Ich bin mir nicht sicher, ob die Leute alle Angst vor einer Ausgangssperre haben oder einfach über die letzten Monate die Freude an der Natur für sich entdeckt haben. Wohl eine Mischung aus mehreren Faktoren, jedenfalls ist diesen Herbst (bisher) bedeutend mehr los als die letzten Jahre. Allerdings hatten wir nie Probleme, blöde Kommentare oder dergleichen. Die Begegnungen liefen immer sehr entspannt ab, teilweise sogar richtig freundlich und rücksichtsvoll, so wie man es sich wünscht. War am Ochsenkopf auch nicht immer so.


----------



## EL_BOB (19. Oktober 2020)

Darrow schrieb:


> Servus. Rund um den Ochsenkopf gibt es einige schöne Touren mit Trails unterschiedlicher Schwierigkeit. Die fränkische Schweiz eignet sich auch hervorragend, insbesondere jetzt, das bei diesen Temperaturen weniger los ist. Zwischen Bayreuth und Kulmbach gibt es auch einige Klasse Trails die man locker in ner Tour verbinden kann. Bspw. in der Umgebung der Pechgrabener Sandgrube, die fahr idR wenn ich nur wenig Zeit habe. Der Heinersreuther Forst beherbergt auch den ein oder anderen Trail oder ein paar Sehenswürdigkeiten wie die Sprengstoffbunker oder den kleinen "Wasserfall". Müsstest mal sagen was euch so interessiert, ob nur Trails oder ihr auch was sehen wollt. Und wenn Trails, welche Schwierigkeit.
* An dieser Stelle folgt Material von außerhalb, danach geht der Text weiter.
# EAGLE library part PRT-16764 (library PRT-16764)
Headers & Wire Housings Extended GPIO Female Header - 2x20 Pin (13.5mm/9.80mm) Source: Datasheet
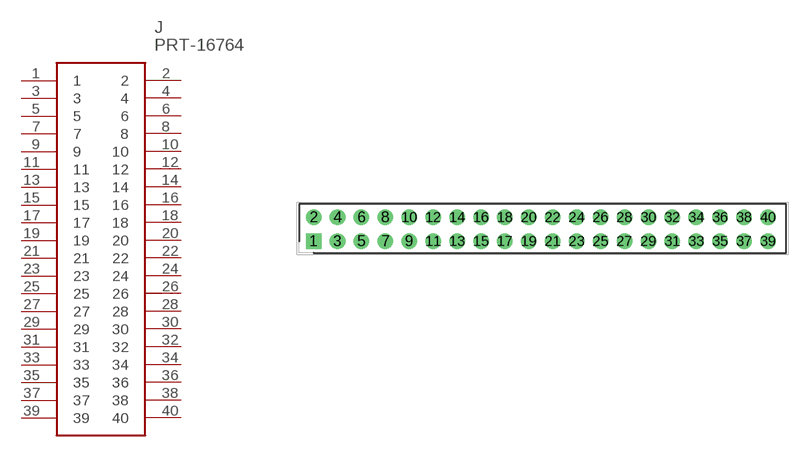
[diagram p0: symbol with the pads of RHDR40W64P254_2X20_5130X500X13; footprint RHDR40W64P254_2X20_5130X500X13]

Designator prefix J

## PRT-16764 (Description: Headers & Wire Housings Extended GPIO Female Header - 2x20 Pin (13.5mm/9.80mm); Height: 13.75mm; Manufacturer_Name: SparkFun; Manufacturer_Part_Number: PRT-16764; Mouser_Part_Number: 474-PRT-16764; Mouser_Price-Stock: https://www.mouser.co.uk/ProductDetail/SparkFun/PRT-16764?qs=W%2FMpXkg%252BdQ4FKwyaXnhaEw%3D%3D)  [RHDR40W64P254_2X20_5130X500X13]
1  1
2  2
3  3
4  4
5  5
6  6
7  7
8  8
9  9
10  10
11  11
12  12
13  13
14  14
15  15
16  16
17  17
18  18
19  19
20  20
21  21
22  22
23  23
24  24
25  25
26  26
27  27
28  28
29  29
30  30
31  31
32  32
33  33
34  34
35  35
36  36
37  37
38  38
39  39
40  40

## Footprint RHDR40W64P254_2X20_5130X500X13 (pad centres in mm)
PRT-16764
drill 1.1 pad 1.65 square: 1 0,0
drill 1.1 pad 1.65: 2 0,2.54; 3 2.54,0; 4 2.54,2.54; 5 5.08,0; 6 5.08,2.54; 7 7.62,0; 8 7.62,2.54; 9 10.16,0; 10 10.16,2.54; 11 12.7,0; 12 12.7,2.54; 13 15.24,0; 14 15.24,2.54; 15 17.78,0; 16 17.78,2.54; 17 20.32,0; 18 20.32,2.54; 19 22.86,0; 20 22.86,2.54; 21 25.4,0; 22 25.4,2.54; 23 27.94,0; 24 27.94,2.54; 25 30.48,0; 26 30.48,2.54; 27 33.02,0; 28 33.02,2.54; 29 35.56,0; 30 35.56,2.54; 31 38.1,0; 32 38.1,2.54; 33 40.64,0; 34 40.64,2.54; 35 43.18,0; 36 43.18,2.54; 37 45.72,0; 38 45.72,2.54; 39 48.26,0; 40 48.26,2.54

Danke für die vielen Infos.
Also da es primär darum geht sich zu treffen (was halt selten passiert) werden wir nicht viel Umgebung anschauen. Das wäre also zweitrangig. Hauptsache Trails.
Mein Kumpel ist technisch nicht so gut dran wie ich daher würde ich maximal S3 (in Maßen) bevorzugen.


----------